И тут действие мази закончилось, моё тело вновь рассыпалось невесомым туманом, а после вновь собралось. Мигом исчезла широкая гама запахов и звуков, а по глазам ударила практически кромешная темнота, разрываемая лишь огненными всполохами автоматных очередей. Такое ощущение, что я сразу оглох, ослеп и нос у меня заложило.
Дождавшись, когда мои девчушки наиграются в мужские игрушки, и закончат уже бессмысленно жечь боезапас, я громко крикнул:
— Вы чего там, с дуба рухнули или белены объелись, товарищи женщины? А так ведь и ухлопать вполне могли…
— Это ктой там из кустов гавкает? — грозно крикнула Глафира Митрофановна. — Выходи с поднятыми руками, гад такой! — И она с громким клацаньем заменила опустевший магазин автомата.
Похоже, что совсем в голове у моих женщин трындец наступил. Может, противозлыдневые обереги на них разрядились, а новые не надели? — стремительно пролетали мысли в моей голове. Я все никак не мог срастить, какая же муха их укусила? Причём, сразу обеих.
— С тобой не гавкает, а разговаривает товарищ Чума! — закосил я под капитана Жеглова, свинью[1], правда, опустив. — Глафира Митрофановна, Акулина, не узнали, что ли?
— Я, по-твоему, слепая, что ль? Или глухая? — Глафира Митрофановна-таки отложила «шмайсер» на подоконник. — Мазь, пользованную, видала, так все и поняла, куды ты намылился…
— Так чего вы тогда тут комедию ломаете? Да еще и с огнестрелом? — Моему возмущению не было предела. — Пришили бы еще ненароком!
— Так ты в следующий раз поменьше бы в лес бегал в кобелином обличье, — неожиданно зло и борзо заявила мамашка. — Может, и не ломали бы мы сейчас комедию…
Меня такое заявление словно обухом по голове нахлобучило. Это что, скажите, такое? Бунт на корабле? Женская ревность? Или я еще чего-то не знаю? Но что могло произойти пока меня не было дома? Ведь я отсутствовал всего ничего. А это странное поведение действительно очень похоже на действие промысла Лихорука. И где же мой «юный падаван»? Нужно поспрошать его немного…
С них станется высадить в мою сторону еще по одному рожку. А то, что они уже успели перезарядиться, я уже слышал.
Лихорук неожиданно засуетился, шумно втянул своим вытянутым носом воздух, чуть отдающий прелой листвой и созревшими травами, а его единственный глаз зарделся багровыми углями преисподней. Я почувствовал, как слегка колыхнулся тягучий ночной воздух, словно от дуновения легкого ветерка. Хотя никакого ветра и в помине не было. Похоже, что это врожденная магия злыдня породила похожую ассоциацию, уносясь к освещенным окнам избы.

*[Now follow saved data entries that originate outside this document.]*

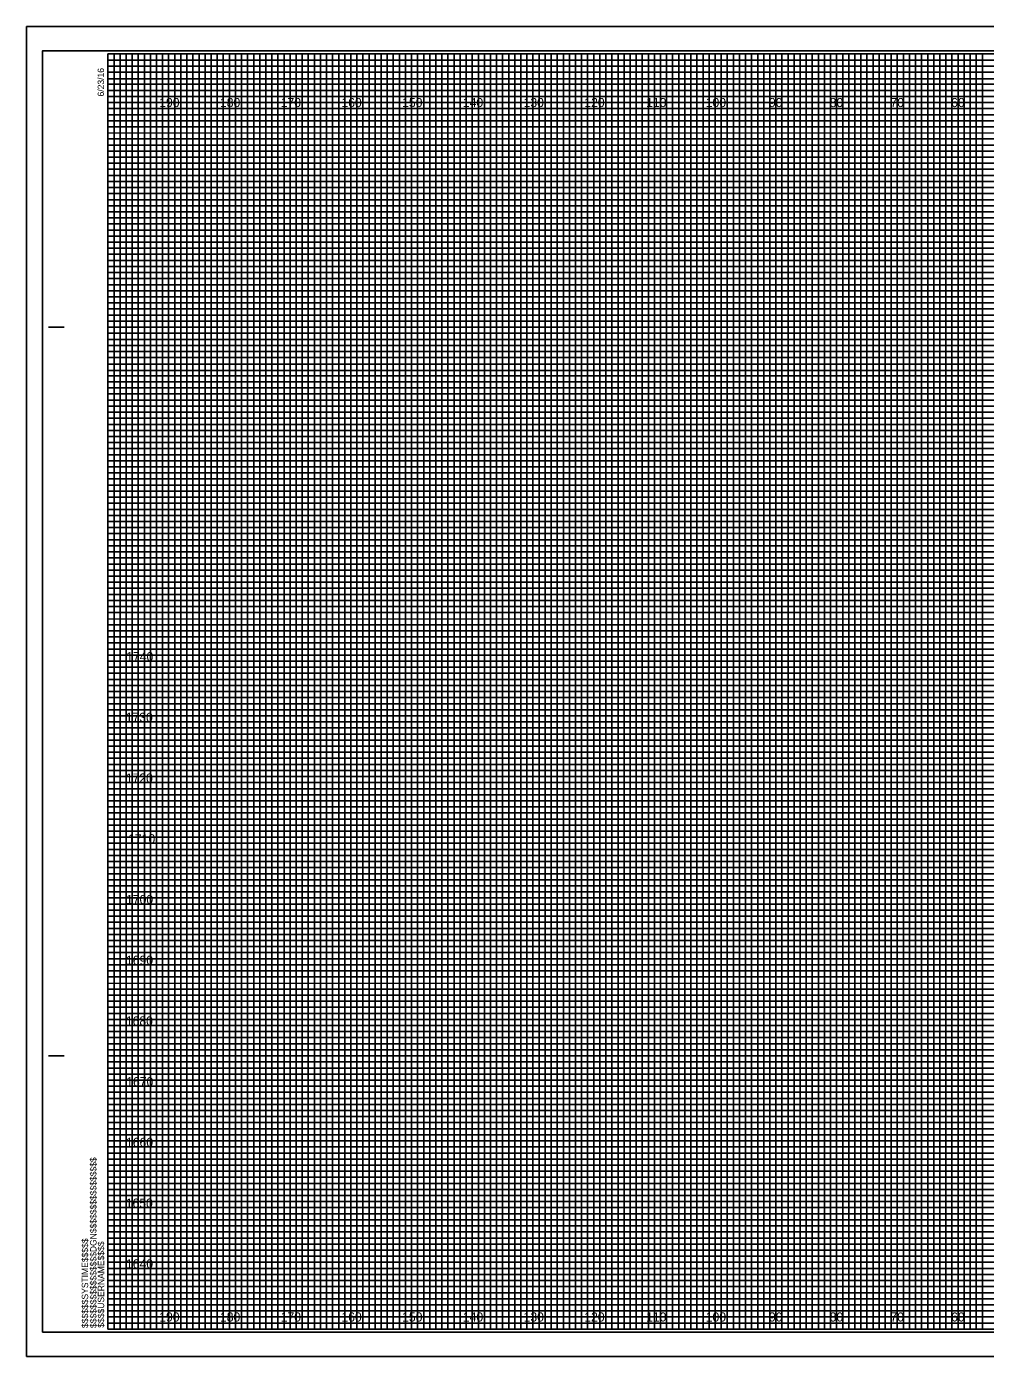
# Model space of a CAD drawing. Extents: x -13 to 323, y -5 to 6154.
# Drawn here: x -13.4 to 144.5, y 656 to 875 of the extents above; entities that cross this region are included whole.
import ezdxf

# ---------------------------------------------------------------- set-up
doc = ezdxf.new("R2010")
doc.units = 0
for name, color, linetype in [('Prop Retaining Wall', 7, 'Continuous'), ('Prop XS Alignment Label', 7, 'Continuous'), ('Prop XS DDE', 7, 'Continuous'), ('Prop XS DDE Elevations', 7, 'Continuous'), ('Prop XS DDE Slope Text', 7, 'Continuous'), ('Prop XS Earthwork Shape', 7, 'Continuous'), ('Prop XS Elevation Labels', 7, 'Continuous'), ('Prop XS Station Labels', 7, 'Continuous'), ('Raster_Level_0', 7, 'Continuous'), ('Scratch_Level_3', 7, 'Continuous'), ('Sheet Cutting Line CELL', 7, 'Continuous')]:
    doc.layers.add(name, color=color, linetype=linetype)

msp = doc.modelspace()

# ---------------------------------------------------------------- linework, layer by layer
at = {"layer": 'Prop Retaining Wall'}
for p, q in [((-0.04, 869.45), (259.96, 869.45)), ((259.96, 868.43), (-0.04, 868.43)), ((-0.04, 868.43), (-0.04, 867.45)), ((-0.04, 867.45), (259.96, 867.45)), ((259.96, 866.34), (-0.04, 866.34)), ((-0.04, 866.34), (-0.04, 864.45)), ((-0.04, 864.45), (319.96, 864.45))]:
    msp.add_line(p, q, dxfattribs=at)
for points in [[(-0.04, 863.45), (269.96, 863.45), (319.96, 863.45), (319.96, 862.45), (-0.04, 862.45)], [(-0.04, 861.45), (319.96, 861.45), (319.96, 859.45), (-0.04, 859.45)], [(-0.04, 858.45), (319.96, 858.45), (319.96, 857.45), (-0.04, 857.43)], [(-0.04, 856.45), (319.96, 856.45), (319.96, 854.45), (-0.04, 854.45)], [(-0.04, 853.45), (319.96, 853.45), (319.96, 852.45), (-0.04, 852.45)], [(-0.04, 851.45), (319.96, 851.45), (319.96, 849.45), (-0.04, 849.45)], [(-0.04, 848.45), (319.96, 848.45), (319.96, 847.45), (-0.04, 847.45)], [(-0.04, 846.45), (319.96, 846.45), (319.96, 844.45), (-0.04, 844.45)], [(-0.04, 843.45), (319.96, 843.45), (319.96, 842.45), (-0.04, 842.45)], [(-0.04, 841.45), (319.96, 841.45), (319.96, 839.45), (-0.04, 839.45)], [(-0.04, 838.45), (319.96, 838.45), (319.96, 837.45), (-0.04, 837.45)], [(-0.04, 836.45), (319.96, 836.45), (319.96, 834.4), (319.96, 833.45), (319.96, 832.45), (-0.04, 832.45)], [(-0.04, 834.45), (319.96, 834.45), (319.96, 833.45), (-0.04, 833.45)], [(-0.04, 831.45), (319.96, 831.45), (319.96, 829.45), (-0.04, 829.48)], [(-0.04, 829.48), (319.96, 829.45), (319.96, 828.45), (-0.04, 828.45)], [(-0.04, 827.45), (319.96, 827.45), (319.96, 826.45), (-0.04, 826.45)], [(-0.04, 824.45), (319.96, 824.45), (319.96, 823.45), (-0.04, 823.45)], [(-0.04, 822.45), (319.96, 822.45), (319.96, 821.45), (-0.04, 821.45)], [(-0.11, 819.34), (319.96, 819.34), (319.96, 818.33), (-0.11, 818.33)], [(-0.04, 817.45), (319.96, 817.45), (319.96, 816.45), (-0.04, 816.45)], [(-0.04, 814.45), (319.96, 814.45), (319.96, 813.45), (-0.04, 813.45)], [(-0.04, 812.45), (319.96, 812.45), (319.96, 811.45), (-0.04, 811.45)], [(-0.04, 809.45), (319.96, 809.45), (319.96, 808.45), (-0.04, 808.45)], [(-0.04, 807.45), (319.96, 807.45), (319.96, 806.45), (-0.04, 806.45)], [(-0.04, 804.45), (319.96, 804.45), (319.96, 803.45), (-0.04, 803.45)], [(-0.04, 802.45), (319.96, 802.45), (319.96, 801.45), (-0.04, 801.45)], [(-0.04, 799.45), (319.96, 799.45), (319.95, 798.43), (-0.04, 798.45)], [(-0.04, 797.45), (319.96, 797.45), (319.96, 796.45), (-0.04, 796.45)], [(-0.04, 794.45), (319.96, 794.45), (319.96, 793.45), (-0.04, 793.45)], [(-0.04, 792.45), (319.96, 792.45), (319.96, 791.45), (-0.04, 791.45)], [(-0.04, 789.45), (319.96, 789.45), (319.96, 788.45), (-0.04, 788.45)], [(-0.04, 787.45), (319.96, 787.45), (319.96, 786.45), (-0.04, 786.45)], [(-0.04, 784.45), (319.96, 784.45), (319.96, 783.45), (-0.04, 783.45)], [(-0.04, 782.45), (319.96, 782.45), (319.96, 781.45), (-0.04, 781.45)], [(-0.04, 779.45), (319.96, 779.45), (319.96, 778.45), (-0.04, 778.45)], [(-0.04, 777.44), (320.03, 777.36), (319.96, 776.45), (-0.04, 776.45)], [(-0.04, 774.45), (319.96, 774.45), (319.96, 773.45), (-0.04, 773.45)], [(-0.04, 772.45), (319.96, 772.45), (319.96, 771.45), (-0.04, 771.45)], [(-0.04, 769.45), (319.96, 769.45), (319.96, 768.45), (-0.04, 768.45)], [(-0.04, 767.45), (319.96, 767.45), (319.96, 766.45), (-0.04, 766.45)], [(-0.04, 764.45), (319.96, 764.45), (319.96, 763.45), (-0.04, 763.45)], [(-0.04, 762.45), (319.96, 762.45), (319.96, 761.45), (-0.04, 761.45)], [(-0.04, 759.45), (319.96, 759.45), (319.96, 758.45), (-0.04, 758.45)], [(-0.04, 757.45), (319.96, 757.45), (319.96, 756.45), (-0.04, 756.45)], [(-0.04, 754.45), (319.96, 754.45), (319.96, 753.45), (-0.04, 753.45)], [(-0.04, 752.45), (319.96, 752.45), (319.96, 751.45), (-0.04, 751.45)], [(-0.04, 749.45), (319.96, 749.45), (319.96, 748.45), (-0.04, 748.45)], [(-0.04, 747.45), (319.96, 747.45), (319.96, 746.45), (-0.04, 746.45)], [(-0.04, 744.45), (319.96, 744.45), (319.96, 743.45), (-0.04, 743.45)], [(-0.04, 742.45), (319.96, 742.45), (319.96, 741.45), (-0.04, 741.45)], [(-0.04, 739.45), (319.96, 739.45), (319.95, 738.43), (-0.04, 738.45)], [(-0.04, 737.45), (319.96, 737.45), (319.96, 736.45), (-0.04, 736.45)], [(-0.04, 734.45), (319.96, 734.45), (319.96, 733.45), (-0.04, 733.45)], [(-0.04, 732.45), (319.96, 732.45), (319.96, 731.45), (-0.04, 731.45)], [(-0.04, 729.45), (319.96, 729.45), (319.96, 728.45), (-0.04, 728.45)], [(-0.04, 727.45), (319.96, 727.45), (319.96, 726.45), (-0.04, 726.45)], [(-0.04, 724.45), (319.96, 724.45), (319.96, 723.45), (-0.04, 723.45)], [(-0.04, 722.45), (319.96, 722.45), (319.96, 721.45), (-0.04, 721.45)], [(-0.04, 719.45), (319.96, 719.45), (319.96, 718.45), (-0.04, 718.45)], [(-0.04, 717.44), (320.03, 717.36), (319.96, 716.45), (-0.04, 716.45)], [(-0.04, 714.45), (319.96, 714.45), (319.96, 713.45), (-0.04, 713.45)], [(-0.04, 712.45), (319.96, 712.45), (319.96, 711.45), (-0.04, 711.45)], [(-0.04, 709.45), (319.96, 709.45), (319.96, 708.45), (-0.04, 708.45)], [(-0.04, 707.45), (319.96, 707.45), (319.96, 706.45), (-0.04, 706.45)], [(-0.04, 704.45), (319.96, 704.45), (319.96, 703.45), (-0.04, 703.45)], [(-0.04, 702.45), (319.96, 702.45), (319.96, 701.45), (-0.04, 701.45)], [(-0.04, 699.45), (319.96, 699.45), (319.96, 698.45), (-0.04, 698.45)], [(-0.04, 697.45), (319.96, 697.45), (319.96, 696.45), (-0.04, 696.45)], [(-0.04, 694.45), (319.96, 694.45), (319.96, 693.45), (-0.04, 693.45)], [(-0.04, 692.45), (319.96, 692.45), (319.96, 691.45), (-0.04, 691.45)], [(-0.04, 689.45), (319.96, 689.45), (319.96, 688.45), (-0.04, 688.45)], [(-0.04, 687.45), (319.96, 687.45), (319.96, 686.45), (-0.04, 686.45)], [(-0.04, 684.45), (319.96, 684.45), (319.96, 683.45), (-0.04, 683.45)], [(-0.04, 682.45), (319.96, 682.45), (319.96, 681.45), (-0.04, 681.45)], [(-0.04, 679.45), (319.96, 679.45), (319.96, 678.45), (-0.04, 678.45)], [(-0.04, 677.45), (319.96, 677.45), (319.96, 676.45), (-0.04, 676.45)], [(-0.04, 674.45), (319.96, 674.45), (319.96, 673.45), (-0.04, 673.45)], [(-0.04, 672.45), (319.96, 672.45), (319.96, 671.45), (-0.04, 671.45)], [(-0.04, 669.45), (319.96, 669.45), (319.96, 668.45), (-0.04, 668.45)], [(-0.04, 667.45), (319.96, 667.45), (319.96, 666.45), (-0.04, 666.45)], [(-0.04, 664.45), (319.96, 664.45), (319.96, 663.45), (-0.04, 663.45)], [(-0.04, 662.45), (319.96, 662.45), (319.96, 661.45), (-0.04, 661.45)]]:
    msp.add_lwpolyline(points, dxfattribs=at)
at = {"layer": 'Prop XS Alignment Label'}
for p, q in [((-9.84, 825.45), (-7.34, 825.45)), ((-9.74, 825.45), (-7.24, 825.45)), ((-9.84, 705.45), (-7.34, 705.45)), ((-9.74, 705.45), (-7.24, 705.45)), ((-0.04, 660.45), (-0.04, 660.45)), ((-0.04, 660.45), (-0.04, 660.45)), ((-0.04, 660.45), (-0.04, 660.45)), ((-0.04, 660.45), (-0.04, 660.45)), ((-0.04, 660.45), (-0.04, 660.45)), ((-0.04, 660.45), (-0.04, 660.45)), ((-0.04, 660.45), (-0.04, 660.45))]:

— Оп-перех-хи ф-ф порядке, тоф-фариш-ш Ш-шума, — тихо прошипел вслух Горбатый, но вел себя при этом как-то странно. Он весь напрягся, даже реденькие волосюшки, оставшиеся кое-где пучками на его большой лысой голове, встопорщились. — Но ты праф-ф: не ф-ф с-сееп-пе они…
— Как это не в себе?
— С-силу ш-шуш-шую ш-шую…
— Силу чужую чуешь? — переспросил я злыдня, с трудом разбирая все его пришепетывания.
— С-силу ш-шуш-шую, — кивнул Лихорук. — Оп-пратка это, тоф-фариш-ш Ш-шума. Да ты ш-шам пос-смотри — п-польш-шое оно…
Какая опратка? Какое оно, да еще и большое? — Я нихрена не понял из объяснений Горбатого (надо будет всё-таки отвести его к дантисту), но взгляд на избу кинул. Тот, ведьмачий, которым ауру видно. Обычным взглядом в такой темноте ничего не углядеть.
— Грёбаный аппарат… — пораженно прошептал я, наконец-то углядев темное (темнее даже ночного мрака, подобные «оттенки» тьмы обычным зрением не рассмотреть) марево, поглотившее избу и всё, что находится внутри. Включая, конечно, и моих дорогих дам.